Peygamber Efendimiz’in (S.A.S) döneminden hemen sonra Müslümanların İslam’ı temsildeki kabiliyetleri gün geçtikçe azalıyor. Bunu İslam tarihine baktığımızda ayan beyan görebilirsiniz. İslam tarihinin hemen her döneminde sahte peygamberler, şıhlar, veli zatlar ve daha birçok kalabalık unvana sahip keyfiyetsiz adamlar İslam’ı temsil makamına bağdaş kurup, din üzerinden servet ve şan kazanmışlardır. Ve bunlardan bazıları babadan oğla geçer gibi silsile şeklinde devam etmiştir. Halen cemaat ve benzeri yapılar şeklinde devam edenler var.
Bunun en büyük sebebi topluma İslam bilincinin yeteri kadar verilmemesinden kaynaklanıyor. Bir diğer sebebi de Emevi iktidarı ile birlikte Kerbela’da kendi peygamberinin çoluk çocuğuna soykırım uygulayacak kadar gözü dönmüş siyasi iktidarlardır. Şah İsmail Tebriz’de ehli sünnet alimlerini dar ağacında sallandırırken, Osmanlı’da da Alevi, Bektaşi ve Şia itikadında olanlar hemen hemen aynı akıbete uğradı. Bu gün farklı mı sanki? Bu gün de İslam dünyasında, İslam adına Müslüman müslümanın başını “Allahüekber” diye tekbir getirerek kesiyor.

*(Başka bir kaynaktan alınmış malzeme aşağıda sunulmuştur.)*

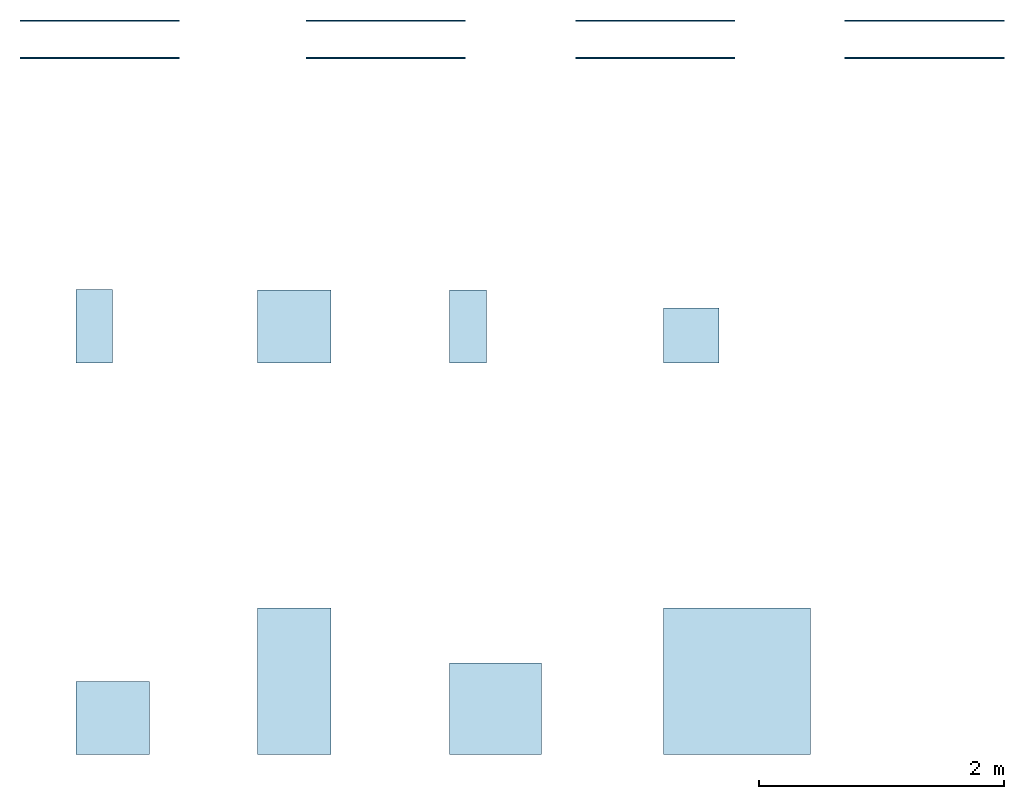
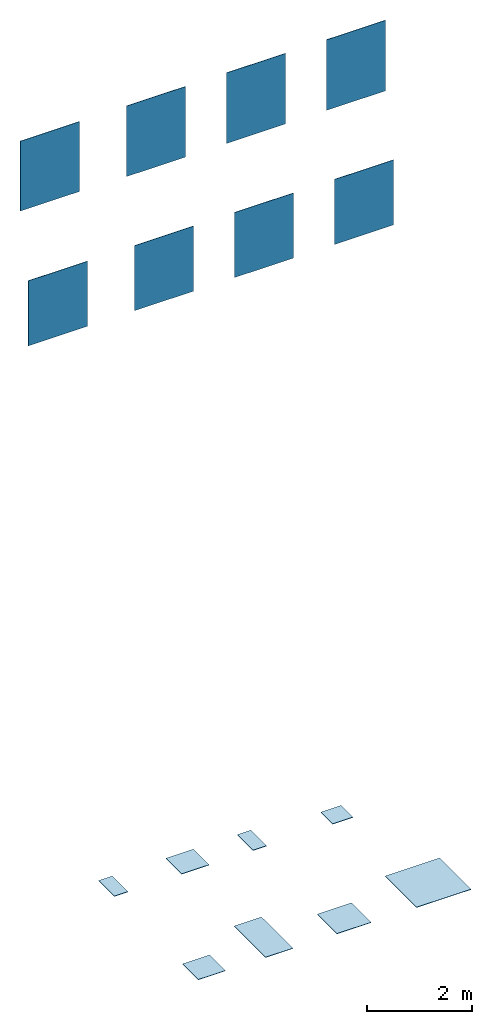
# One storey: 8 slabs, 8 walls.
"""IFC2X3 building model written with IfcOpenShell, lengths in millimetres."""

from ifc_helpers import new_model, entity, si_unit, converted_unit, derived_unit, direction, frame, frame_2d, origin, origin_2d_with_axis, place, context, subcontext, project, spatial, rectangle, extrude, material, layer, layer_set, layer_usage, type_object, element, save


model = new_model("IFC2X3")

# Units and contexts
model_context = context("Model", 3, precision=0.01, world=origin(), true_north=direction((6.12303176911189e-17, 1.0)))
body_context = subcontext(model_context, "Body", "Model", "MODEL_VIEW")
ifc_project = project(units=[si_unit("LENGTHUNIT", "METRE", prefix="MILLI"), si_unit("AREAUNIT", "SQUARE_METRE"), si_unit("VOLUMEUNIT", "CUBIC_METRE"), converted_unit("PLANEANGLEUNIT", "DEGREE", entity("IfcRatioMeasure", 0.0174532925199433), si_unit("PLANEANGLEUNIT", "RADIAN"), dimensions=[0, 0, 0, 0, 0, 0, 0]), si_unit("MASSUNIT", "GRAM", prefix="KILO"), derived_unit("MASSDENSITYUNIT", [(si_unit("MASSUNIT", "GRAM", prefix="KILO"), 1), (si_unit("LENGTHUNIT", "METRE"), -3)]), derived_unit("MOMENTOFINERTIAUNIT", [(si_unit("LENGTHUNIT", "METRE"), 4)]), si_unit("TIMEUNIT", "SECOND"), si_unit("FREQUENCYUNIT", "HERTZ"), si_unit("THERMODYNAMICTEMPERATUREUNIT", "DEGREE_CELSIUS"), derived_unit("THERMALTRANSMITTANCEUNIT", [(si_unit("MASSUNIT", "GRAM", prefix="KILO"), 1), (si_unit("THERMODYNAMICTEMPERATUREUNIT", "KELVIN"), -1), (si_unit("TIMEUNIT", "SECOND"), -3)]), derived_unit("VOLUMETRICFLOWRATEUNIT", [(si_unit("LENGTHUNIT", "METRE"), 3), (si_unit("TIMEUNIT", "SECOND"), -1)]), si_unit("ELECTRICCURRENTUNIT", "AMPERE"), si_unit("ELECTRICVOLTAGEUNIT", "VOLT"), si_unit("POWERUNIT", "WATT"), si_unit("FORCEUNIT", "NEWTON", prefix="KILO"), si_unit("ILLUMINANCEUNIT", "LUX"), si_unit("LUMINOUSFLUXUNIT", "LUMEN"), si_unit("LUMINOUSINTENSITYUNIT", "CANDELA"), derived_unit("USERDEFINED", [(si_unit("MASSUNIT", "GRAM", prefix="KILO"), -1), (si_unit("LENGTHUNIT", "METRE"), -2), (si_unit("TIMEUNIT", "SECOND"), 3), (si_unit("LUMINOUSFLUXUNIT", "LUMEN"), 1)]), derived_unit("LINEARVELOCITYUNIT", [(si_unit("LENGTHUNIT", "METRE"), 1), (si_unit("TIMEUNIT", "SECOND"), -1)]), si_unit("PRESSUREUNIT", "PASCAL"), derived_unit("USERDEFINED", [(si_unit("LENGTHUNIT", "METRE"), -2), (si_unit("MASSUNIT", "GRAM", prefix="KILO"), 1), (si_unit("TIMEUNIT", "SECOND"), -2)]), derived_unit("LINEARFORCEUNIT", [(si_unit("MASSUNIT", "GRAM", prefix="KILO"), 1), (si_unit("LENGTHUNIT", "METRE"), 1), (si_unit("TIMEUNIT", "SECOND"), -2), (si_unit("LENGTHUNIT", "METRE"), -1)]), derived_unit("PLANARFORCEUNIT", [(si_unit("MASSUNIT", "GRAM", prefix="KILO"), 1), (si_unit("LENGTHUNIT", "METRE"), 1), (si_unit("TIMEUNIT", "SECOND"), -2), (si_unit("LENGTHUNIT", "METRE"), -2)])], contexts=[model_context])

# Site, building, storey
site_placement = place(None, origin())
site = spatial("IfcSite", under=ifc_project, at=site_placement, Name="Default", CompositionType="ELEMENT")
building_placement = place(site_placement, origin())
building = spatial("IfcBuilding", under=site, at=building_placement, CompositionType="ELEMENT")
storey_placement = place(building_placement, origin())
storey = spatial("IfcBuildingStorey", under=building, at=storey_placement, Name="Level 0", CompositionType="ELEMENT", Elevation=0.0)

# Slabs
ifc_material_1 = material(Name="Creos-Mud-30x60 ND05")
ifc_layer_1 = layer(ifc_material_1, 9.0)
ifc_material_2 = material(Name="<Unnamed>")
ifc_layer_2 = layer(ifc_material_2, 1.0)
ifc_layer_set_1 = layer_set([ifc_layer_1, ifc_layer_2], Name="Floor:Floor_Tiles_Refin-Creos-Mud-30x60 ND05")
ifc_layer_usage_1 = layer_usage(ifc_layer_set_1, "AXIS3", "POSITIVE", 0.0)
slab_type_1 = type_object("IfcSlabType", Name="Floor:Floor_Tiles_Refin-Creos-Mud-30x60 ND05", PredefinedType="FLOOR", material=ifc_layer_set_1)
slab_1_placement = place(storey_placement, origin())
element("IfcSlab", 1, at=slab_1_placement, inside=storey, type_object=slab_type_1, material=ifc_layer_usage_1, Name="Floor:Floor_Tiles_Refin-Creos-Mud-30x60 ND05", ObjectType="Floor:Floor_Tiles_Refin-Creos-Mud-30x60 ND05", PredefinedType="FLOOR", context=body_context, shape_type="SweptSolid", body=[
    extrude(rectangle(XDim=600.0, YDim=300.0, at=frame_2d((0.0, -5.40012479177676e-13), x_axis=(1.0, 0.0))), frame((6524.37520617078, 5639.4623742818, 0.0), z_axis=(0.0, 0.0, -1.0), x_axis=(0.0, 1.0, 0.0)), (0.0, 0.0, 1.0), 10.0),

İslam’a göre büyüklük sadece Takva’dayken ve sadece ilim değil aynı zamanda takva sahiplerinin gerçek kurtuluşa ereceği açıkça bildirilmişken, gerçekte bir sürü şarlatan İslam alimi sıfatıyla yüz binleri peşinden sürükledi. Hindistan’daki Müslümanları isyandan sakındırmak için İngilizlerin güdümünde kurulan cemaatlerin peşinden milyonlarca insan gitti. Amaç Din-i Mübin-i İslam mıydı? Elbette ki hayır. Tek amaçları Büyük Britanya Krallığı’nın sömürgesinin devamını sağlamaktı.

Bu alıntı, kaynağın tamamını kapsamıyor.